▸ WHAT YOU WILL DO:
Copy the data verbatim and leave out every picture.

▸ THE INPUT:
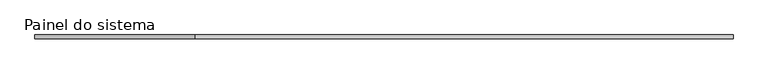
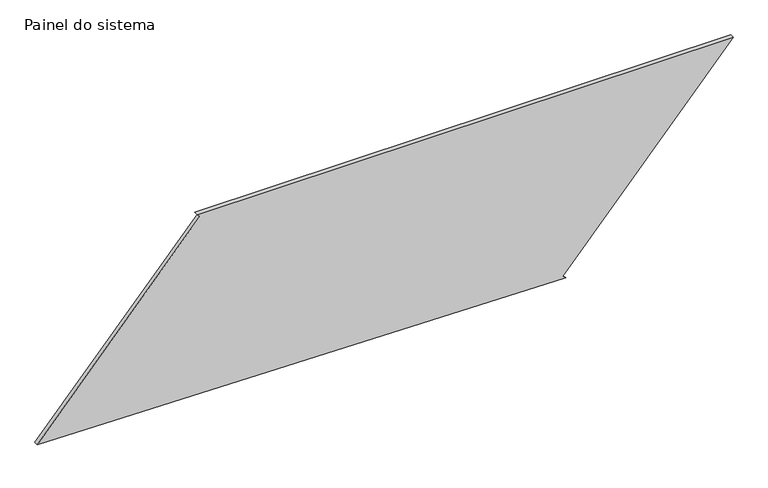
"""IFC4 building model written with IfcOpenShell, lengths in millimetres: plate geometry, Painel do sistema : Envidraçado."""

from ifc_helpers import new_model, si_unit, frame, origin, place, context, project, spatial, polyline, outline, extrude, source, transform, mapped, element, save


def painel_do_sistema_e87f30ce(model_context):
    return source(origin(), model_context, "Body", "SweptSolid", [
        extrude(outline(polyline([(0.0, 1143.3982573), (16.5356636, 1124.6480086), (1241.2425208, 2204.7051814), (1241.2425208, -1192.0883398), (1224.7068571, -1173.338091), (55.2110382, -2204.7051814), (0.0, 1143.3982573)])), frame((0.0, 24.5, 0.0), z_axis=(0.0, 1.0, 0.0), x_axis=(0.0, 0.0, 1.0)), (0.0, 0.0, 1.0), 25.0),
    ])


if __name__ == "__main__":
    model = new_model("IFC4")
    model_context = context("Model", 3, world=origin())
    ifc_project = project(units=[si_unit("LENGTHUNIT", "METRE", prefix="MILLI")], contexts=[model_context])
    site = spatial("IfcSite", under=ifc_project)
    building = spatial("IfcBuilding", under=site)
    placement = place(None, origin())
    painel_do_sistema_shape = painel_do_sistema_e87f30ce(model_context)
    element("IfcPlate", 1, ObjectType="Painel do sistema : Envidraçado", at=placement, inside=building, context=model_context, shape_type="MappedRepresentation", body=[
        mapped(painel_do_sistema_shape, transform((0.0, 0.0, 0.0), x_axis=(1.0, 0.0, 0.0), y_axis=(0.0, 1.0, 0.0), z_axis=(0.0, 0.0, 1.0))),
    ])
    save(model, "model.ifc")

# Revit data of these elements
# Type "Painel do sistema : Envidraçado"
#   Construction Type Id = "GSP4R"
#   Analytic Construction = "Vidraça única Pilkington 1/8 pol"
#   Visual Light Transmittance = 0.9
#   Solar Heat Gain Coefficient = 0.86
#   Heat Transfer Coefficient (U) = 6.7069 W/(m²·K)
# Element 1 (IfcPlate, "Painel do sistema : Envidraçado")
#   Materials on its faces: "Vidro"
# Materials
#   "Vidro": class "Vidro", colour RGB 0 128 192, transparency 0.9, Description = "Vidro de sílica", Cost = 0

▸ WRITTEN REPLY:
"""IFC4 building model written with IfcOpenShell, lengths in millimetres: plate geometry, Painel do sistema : Envidraçado."""

from ifc_helpers import new_model, si_unit, frame, origin, place, context, project, spatial, polyline, outline, extrude, source, transform, mapped, element, save


def painel_do_sistema_e87f30ce(model_context):
    return source(origin(), model_context, "Body", "SweptSolid", [
        extrude(outline(polyline([(0.0, 1143.3982573), (16.5356636, 1124.6480086), (1241.2425208, 2204.7051814), (1241.2425208, -1192.0883398), (1224.7068571, -1173.338091), (55.2110382, -2204.7051814), (0.0, 1143.3982573)])), frame((0.0, 24.5, 0.0), z_axis=(0.0, 1.0, 0.0), x_axis=(0.0, 0.0, 1.0)), (0.0, 0.0, 1.0), 25.0),
    ])


if __name__ == "__main__":
    model = new_model("IFC4")
    model_context = context("Model", 3, world=origin())
    ifc_project = project(units=[si_unit("LENGTHUNIT", "METRE", prefix="MILLI")], contexts=[model_context])
    site = spatial("IfcSite", under=ifc_project)
    building = spatial("IfcBuilding", under=site)
    placement = place(None, origin())
    painel_do_sistema_shape = painel_do_sistema_e87f30ce(model_context)
    element("IfcPlate", 1, ObjectType="Painel do sistema : Envidraçado", at=placement, inside=building, context=model_context, shape_type="MappedRepresentation", body=[
        mapped(painel_do_sistema_shape, transform((0.0, 0.0, 0.0), x_axis=(1.0, 0.0, 0.0), y_axis=(0.0, 1.0, 0.0), z_axis=(0.0, 0.0, 1.0))),
    ])
    save(model, "model.ifc")

# Revit data of these elements
# Type "Painel do sistema : Envidraçado"
#   Construction Type Id = "GSP4R"
#   Analytic Construction = "Vidraça única Pilkington 1/8 pol"
#   Visual Light Transmittance = 0.9
#   Solar Heat Gain Coefficient = 0.86
#   Heat Transfer Coefficient (U) = 6.7069 W/(m²·K)
# Element 1 (IfcPlate, "Painel do sistema : Envidraçado")
#   Materials on its faces: "Vidro"
# Materials
#   "Vidro": class "Vidro", colour RGB 0 128 192, transparency 0.9, Description = "Vidro de sílica", Cost = 0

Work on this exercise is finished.